The word "PredefinedType" marks the lines to find; copy every such line from the data below.

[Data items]
--*--
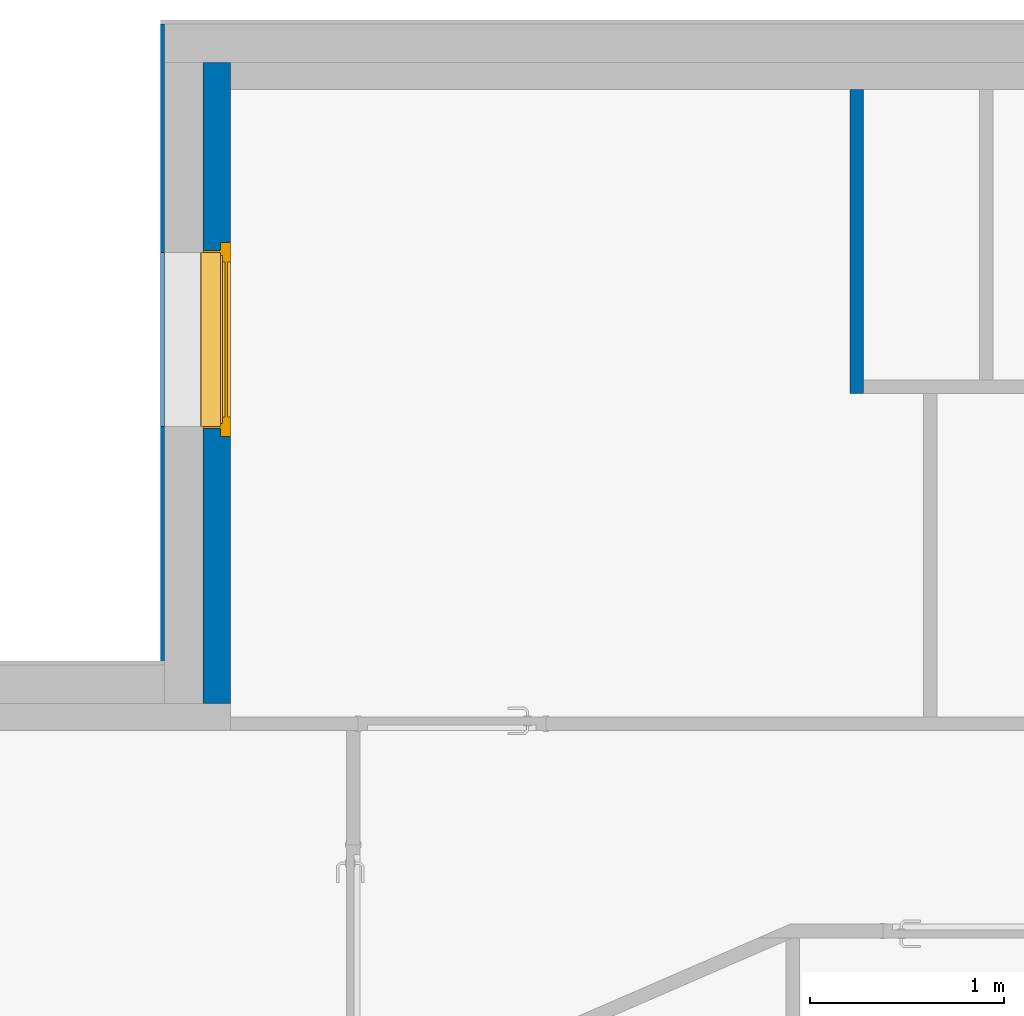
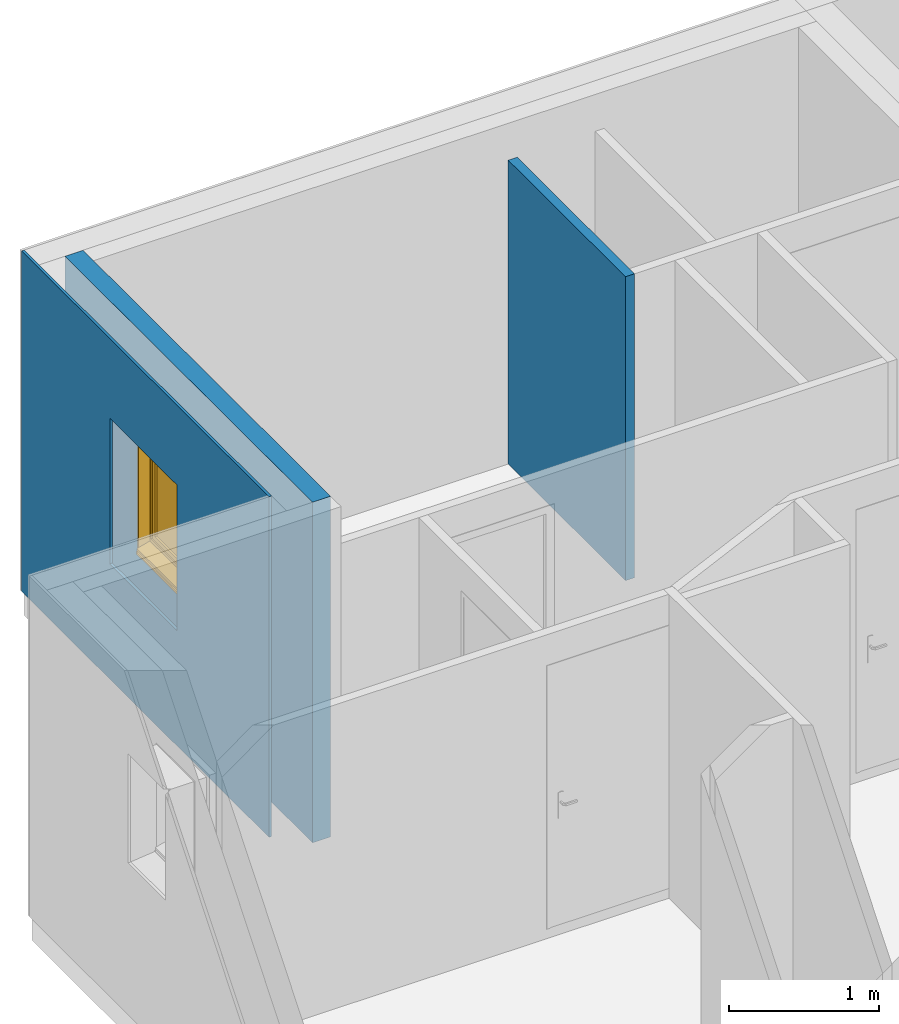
"""IFC2X3 building model written with IfcOpenShell, lengths in centimetres."""

from ifc_helpers import new_model, entity, si_unit, converted_unit, derived_unit, direction, frame, frame_2d, origin, place, context, subcontext, project, spatial, rectangle, extrude, faceted_brep, source, transform, mapped, material, material_list, layer, layer_set, layer_usage, type_object, type_shapes, element, fill, save


model = new_model("IFC2X3")

# Units and contexts
model_context = context("Model", 3, precision=0.001, world=origin(), true_north=direction((6.123031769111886e-17, 1.0)))
body_context = subcontext(model_context, "Body", "Model", "MODEL_VIEW")
ifc_project = project(units=[si_unit("LENGTHUNIT", "METRE", prefix="CENTI"), si_unit("AREAUNIT", "SQUARE_METRE"), si_unit("VOLUMEUNIT", "CUBIC_METRE"), converted_unit("PLANEANGLEUNIT", "DEGREE", entity("IfcRatioMeasure", 0.017453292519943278), si_unit("PLANEANGLEUNIT", "RADIAN"), dimensions=[0, 0, 0, 0, 0, 0, 0]), si_unit("MASSUNIT", "GRAM", prefix="KILO"), derived_unit("MASSDENSITYUNIT", [(si_unit("MASSUNIT", "GRAM", prefix="KILO"), 1), (si_unit("LENGTHUNIT", "METRE"), -3)]), derived_unit("MOMENTOFINERTIAUNIT", [(si_unit("LENGTHUNIT", "METRE"), 4)]), si_unit("TIMEUNIT", "SECOND"), si_unit("FREQUENCYUNIT", "HERTZ"), si_unit("THERMODYNAMICTEMPERATUREUNIT", "DEGREE_CELSIUS"), derived_unit("THERMALTRANSMITTANCEUNIT", [(si_unit("MASSUNIT", "GRAM", prefix="KILO"), 1), (si_unit("THERMODYNAMICTEMPERATUREUNIT", "KELVIN"), -1), (si_unit("TIMEUNIT", "SECOND"), -3)]), derived_unit("VOLUMETRICFLOWRATEUNIT", [(si_unit("LENGTHUNIT", "METRE"), 3), (si_unit("TIMEUNIT", "SECOND"), -1)]), derived_unit("MASSFLOWRATEUNIT", [(si_unit("MASSUNIT", "GRAM", prefix="KILO"), 1), (si_unit("TIMEUNIT", "SECOND"), -1)]), derived_unit("ROTATIONALFREQUENCYUNIT", [(si_unit("TIMEUNIT", "SECOND"), -1)]), si_unit("ELECTRICCURRENTUNIT", "AMPERE"), si_unit("ELECTRICVOLTAGEUNIT", "VOLT"), si_unit("POWERUNIT", "WATT"), si_unit("FORCEUNIT", "NEWTON", prefix="KILO"), si_unit("ILLUMINANCEUNIT", "LUX"), si_unit("LUMINOUSFLUXUNIT", "LUMEN"), si_unit("LUMINOUSINTENSITYUNIT", "CANDELA"), derived_unit("USERDEFINED", [(si_unit("MASSUNIT", "GRAM", prefix="KILO"), -1), (si_unit("LENGTHUNIT", "METRE"), -2), (si_unit("TIMEUNIT", "SECOND"), 3), (si_unit("LUMINOUSFLUXUNIT", "LUMEN"), 1)]), derived_unit("SOUNDPOWERUNIT", [(si_unit("MASSUNIT", "GRAM", prefix="KILO"), 1), (si_unit("LENGTHUNIT", "METRE"), 2), (si_unit("TIMEUNIT", "SECOND"), -3)]), derived_unit("SOUNDPRESSUREUNIT", [(si_unit("MASSUNIT", "GRAM", prefix="KILO"), 1), (si_unit("LENGTHUNIT", "METRE"), -1), (si_unit("TIMEUNIT", "SECOND"), -2)]), derived_unit("LINEARVELOCITYUNIT", [(si_unit("LENGTHUNIT", "METRE"), 1), (si_unit("TIMEUNIT", "SECOND"), -1)]), si_unit("PRESSUREUNIT", "PASCAL"), derived_unit("USERDEFINED", [(si_unit("LENGTHUNIT", "METRE"), -2), (si_unit("MASSUNIT", "GRAM", prefix="KILO"), 1), (si_unit("TIMEUNIT", "SECOND"), -2)]), derived_unit("LINEARFORCEUNIT", [(si_unit("MASSUNIT", "GRAM", prefix="KILO"), 1), (si_unit("LENGTHUNIT", "METRE"), 1), (si_unit("TIMEUNIT", "SECOND"), -2), (si_unit("LENGTHUNIT", "METRE"), -1)]), derived_unit("PLANARFORCEUNIT", [(si_unit("MASSUNIT", "GRAM", prefix="KILO"), 1), (si_unit("LENGTHUNIT", "METRE"), 1), (si_unit("TIMEUNIT", "SECOND"), -2), (si_unit("LENGTHUNIT", "METRE"), -2)])], contexts=[model_context])

# Site, building, storey
site_placement = place(None, origin())
site = spatial("IfcSite", under=ifc_project, at=site_placement, Name="Default", CompositionType="ELEMENT")
building_placement = place(site_placement, origin())
building = spatial("IfcBuilding", under=site, at=building_placement, CompositionType="ELEMENT")
storey_1_placement = place(building_placement, frame((0.0, 0.0, -8.0)))
storey_1 = spatial("IfcBuildingStorey", under=building, at=storey_1_placement, Name="-0.08_Dessus plancher", CompositionType="ELEMENT", Elevation=-8.000000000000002)

# Wall, opening
ifc_material_1 = material(Name="Maçonnerie - Enduit")
ifc_layer_1 = layer(ifc_material_1, 2.0)
ifc_layer_set_1 = layer_set([ifc_layer_1], Name="Mur de base:Enduit 2")
ifc_layer_usage_1 = layer_usage(ifc_layer_set_1, "AXIS2", "POSITIVE", -1.0)
wall_type_1 = type_object("IfcWallType", Name="Mur de base:Enduit 2", PredefinedType="STANDARD", material=ifc_layer_set_1)
wall_1_placement = place(storey_1_placement, frame((-1447.8253630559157, 931.6042960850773, 0.0), z_axis=(0.0, 0.0, 1.0), x_axis=(0.0, -1.0, 0.0)))
wall_1 = element("IfcWallStandardCase", 1, at=wall_1_placement, inside=storey_1, type_object=wall_type_1, material=ifc_layer_usage_1, Name="Mur de base:Enduit 2", ObjectType="Mur de base:Enduit 2", context=body_context, shape_type="SweptSolid", body=[
    extrude(rectangle(XDim=330.9999999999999, YDim=1.9999999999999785, at=frame_2d((165.49999999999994, 0.0), x_axis=(-1.0, 0.0))), origin(), (0.0, 0.0, 1.0), 278.00000000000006),
])
opening_1_placement = place(wall_1_placement, frame((213.0, -22.0, 91.77030941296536)))
element("IfcOpeningElement", 2, at=opening_1_placement, cuts=wall_1, Name="Mur de base:Enduit 2", ObjectType="Opening", context=body_context, shape_type="Brep", body=[
    faceted_brep([(-5.0, 45.0, 6.229690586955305), (-5.0, 43.0, 6.229690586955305), (-5.0, 43.0, 121.22969058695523), (-5.0, 0.0, 121.22969058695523), (-5.0, 0.0, 0.0), (-5.0, 45.0, 4.729690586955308), (-95.0, 100.0, 6.229690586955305), (-95.0, 57.0, 6.229690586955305), (-95.0, 57.0, 121.22969058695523), (-95.0, 100.0, 121.22969058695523), (-5.0, 100.0, 6.229690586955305), (-5.0, 57.0, 6.229690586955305), (0.0, 57.0, 6.229690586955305), (0.0, 52.0, 6.229690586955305), (-4.0, 52.0, 6.229690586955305), (-4.0, 43.0, 6.229690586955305), (-95.0, 45.0, 6.229690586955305), (-95.0, 43.0, 6.229690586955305), (-96.0, 43.0, 6.229690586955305), (-96.0, 52.0, 6.229690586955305), (-100.0, 52.0, 6.229690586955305), (-100.0, 57.0, 6.229690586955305), (-5.0, 100.0, 121.22969058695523), (-95.0, 43.0, 121.22969058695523), (-95.0, 0.0, 121.22969058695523), (-95.0, 0.0, 0.0), (-95.0, 45.0, 4.729690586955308), (0.0, 57.0, 126.2296905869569), (0.0, 52.0, 126.2296905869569), (-100.0, 52.0, 126.2296905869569), (-96.0, 52.0, 122.22969058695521), (-4.0, 52.0, 122.22969058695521), (-4.0, 43.0, 122.22969058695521), (-96.0, 43.0, 122.22969058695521), (-5.0, 57.0, 121.22969058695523), (-100.0, 57.0, 126.2296905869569)], [[[0, 1, 2, 3, 4, 5]], [[6, 7, 8, 9]], [[10, 11, 12, 13, 14, 15, 1, 0, 16, 17, 18, 19, 20, 21, 7, 6]], [[10, 6, 9, 22]], [[3, 2, 23, 24]], [[3, 24, 25, 4]], [[4, 25, 26, 5]], [[5, 26, 16, 0]], [[12, 27, 28, 13]], [[13, 28, 29, 20, 19, 30, 31, 14]], [[14, 31, 32, 15]], [[15, 32, 33, 18, 17, 23, 2, 1]], [[11, 34, 8, 7, 21, 35, 27, 12]], [[27, 35, 29, 28]], [[30, 33, 32, 31]], [[29, 35, 21, 20]], [[19, 18, 33, 30]], [[9, 8, 34, 22]], [[24, 23, 17, 16, 26, 25]], [[22, 34, 11, 10]]]),
])

ifc_material_2 = material(Name="Isolant rigide")
ifc_layer_2 = layer(ifc_material_2, 14.0)
ifc_layer_set_2 = layer_set([ifc_layer_2], Name="Mur de base:Doublage 14")
ifc_layer_usage_2 = layer_usage(ifc_layer_set_2, "AXIS2", "NEGATIVE", 7.0)
wall_type_2 = type_object("IfcWallType", Name="Mur de base:Doublage 14", PredefinedType="STANDARD", material=ifc_layer_set_2)
wall_2_placement = place(storey_1_placement, frame((-1419.8253630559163, 580.6042960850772, 0.0), z_axis=(0.0, 0.0, 1.0), x_axis=(0.0, 1.0, 0.0)))
wall_2 = element("IfcWallStandardCase", 3, at=wall_2_placement, inside=storey_1, type_object=wall_type_2, material=ifc_layer_usage_2, Name="Mur de base:Doublage 14", ObjectType="Mur de base:Doublage 14", context=body_context, shape_type="SweptSolid", body=[
    extrude(rectangle(XDim=331.0, YDim=14.000000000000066, at=frame_2d((165.5, -1.0835776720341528e-13), x_axis=(-1.0, 0.0))), origin(), (0.0, 0.0, 1.0), 278.00000000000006),
])
opening_2_placement = place(wall_2_placement, frame((138.0, 50.0, 91.77030941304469), z_axis=(0.0, 0.0, 1.0), x_axis=(0.0, -1.0, 0.0)))
opening_2 = element("IfcOpeningElement", 4, at=opening_2_placement, cuts=wall_2, Name="Mur de base:Doublage 14", ObjectType="Opening", context=body_context, shape_type="Brep", body=[
    faceted_brep([(45.0, 5.0, 6.2296905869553), (43.0, 5.0, 6.2296905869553), (43.0, 5.0, 121.22969058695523), (0.0, 5.0, 121.22969058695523), (0.0, 5.0, 0.0), (45.0, 5.0, 4.729690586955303), (100.0, 95.0, 6.2296905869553), (57.0, 95.0, 6.2296905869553), (57.0, 95.0, 121.22969058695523), (100.0, 95.0, 121.22969058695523), (100.0, 5.0, 6.2296905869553), (57.0, 5.0, 6.2296905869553), (57.0, 0.0, 6.2296905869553), (52.0, 0.0, 6.2296905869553), (52.0, 4.0, 6.2296905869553), (43.0, 4.0, 6.2296905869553), (45.0, 95.0, 6.2296905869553), (43.0, 95.0, 6.2296905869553), (43.0, 96.0, 6.2296905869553), (52.0, 96.0, 6.2296905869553), (52.0, 100.0, 6.2296905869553), (57.0, 100.0, 6.2296905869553), (100.0, 5.0, 121.22969058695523), (43.0, 95.0, 121.22969058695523), (0.0, 95.0, 121.22969058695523), (0.0, 95.0, 0.0), (45.0, 95.0, 4.729690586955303), (57.0, 0.0, 126.2296905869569), (52.0, 0.0, 126.2296905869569), (52.0, 100.0, 126.2296905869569), (52.0, 96.0, 122.22969058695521), (52.0, 4.0, 122.22969058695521), (43.0, 4.0, 122.22969058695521), (43.0, 96.0, 122.22969058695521), (57.0, 5.0, 121.22969058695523), (57.0, 100.0, 126.2296905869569)], [[[0, 1, 2, 3, 4, 5]], [[6, 7, 8, 9]], [[10, 11, 12, 13, 14, 15, 1, 0, 16, 17, 18, 19, 20, 21, 7, 6]], [[10, 6, 9, 22]], [[3, 2, 23, 24]], [[3, 24, 25, 4]], [[4, 25, 26, 5]], [[5, 26, 16, 0]], [[12, 27, 28, 13]], [[13, 28, 29, 20, 19, 30, 31, 14]], [[14, 31, 32, 15]], [[15, 32, 33, 18, 17, 23, 2, 1]], [[11, 34, 8, 7, 21, 35, 27, 12]], [[27, 35, 29, 28]], [[30, 33, 32, 31]], [[29, 35, 21, 20]], [[19, 18, 33, 30]], [[9, 8, 34, 22]], [[24, 23, 17, 16, 26, 25]], [[22, 34, 11, 10]]]),
])

# Storey
storey_2_placement = place(building_placement, origin())
storey_2 = spatial("IfcBuildingStorey", under=building, at=storey_2_placement, Name="1_Rez-de-chaussée", CompositionType="ELEMENT", Elevation=-7.93413063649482e-11)

# Window
ifc_material_3 = material(Name="Fenêtre - Poignée")
ifc_material_4 = material(Name="Fenêtre - Appui")
ifc_material_5 = material(Name="Fenêtre - Vitrage")
ifc_material_6 = material(Name="Fenêtre - Cadre")
ifc_material_list_1 = material_list([ifc_material_3, ifc_material_3, ifc_material_4, ifc_material_4, ifc_material_4, ifc_material_5, ifc_material_6, ifc_material_6, ifc_material_6])
ifc_material_list_2 = material_list([ifc_material_3, ifc_material_3, ifc_material_4, ifc_material_4, ifc_material_4, ifc_material_5, ifc_material_6, ifc_material_6, ifc_material_6])
window_style = type_object("IfcWindowStyle", Name="1 Vantail - Droit:0.90 m x 1.15 m", ConstructionType="NOTDEFINED", OperationType="NOTDEFINED", ParameterTakesPrecedence=False, Sizeable=False, material=ifc_material_list_2)
shared_shape = source(origin(), body_context, "Body", "Brep", [
    faceted_brep([(8.064600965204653, -57.600000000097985, 68.43308351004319), (8.203392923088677, -57.600000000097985, 68.29429155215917), (8.203392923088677, -57.600000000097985, 67.16292070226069), (8.066769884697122, -57.600000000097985, 67.02629766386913), (6.933230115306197, -57.600000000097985, 67.02629766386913), (6.796607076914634, -57.600000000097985, 67.16292070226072), (6.796607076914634, -57.600000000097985, 68.29429155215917), (6.935399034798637, -57.600000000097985, 68.43308351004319), (8.064600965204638, -58.891354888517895, 68.43308351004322), (8.203392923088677, -58.833865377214, 68.29429155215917), (8.203392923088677, -60.16460096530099, 66.9635559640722), (8.203392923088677, -60.16460096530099, 58.22969058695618), (8.203392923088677, -59.03323011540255, 58.22969058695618), (8.203392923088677, -59.033230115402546, 66.49492681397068), (8.203392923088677, -58.36523622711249, 67.16292070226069), (8.066769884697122, -58.308645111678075, 67.02629766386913), (6.933230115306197, -58.308645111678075, 67.02629766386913), (6.796607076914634, -58.3652362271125, 67.16292070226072), (6.796607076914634, -59.03323011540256, 66.49492681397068), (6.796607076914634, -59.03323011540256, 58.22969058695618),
--*--
**Solution to this problem:**
wall_type_1 = type_object("IfcWallType", Name="Mur de base:Enduit 2", PredefinedType="STANDARD", material=ifc_layer_set_1)
wall_type_2 = type_object("IfcWallType", Name="Mur de base:Doublage 14", PredefinedType="STANDARD", material=ifc_layer_set_2)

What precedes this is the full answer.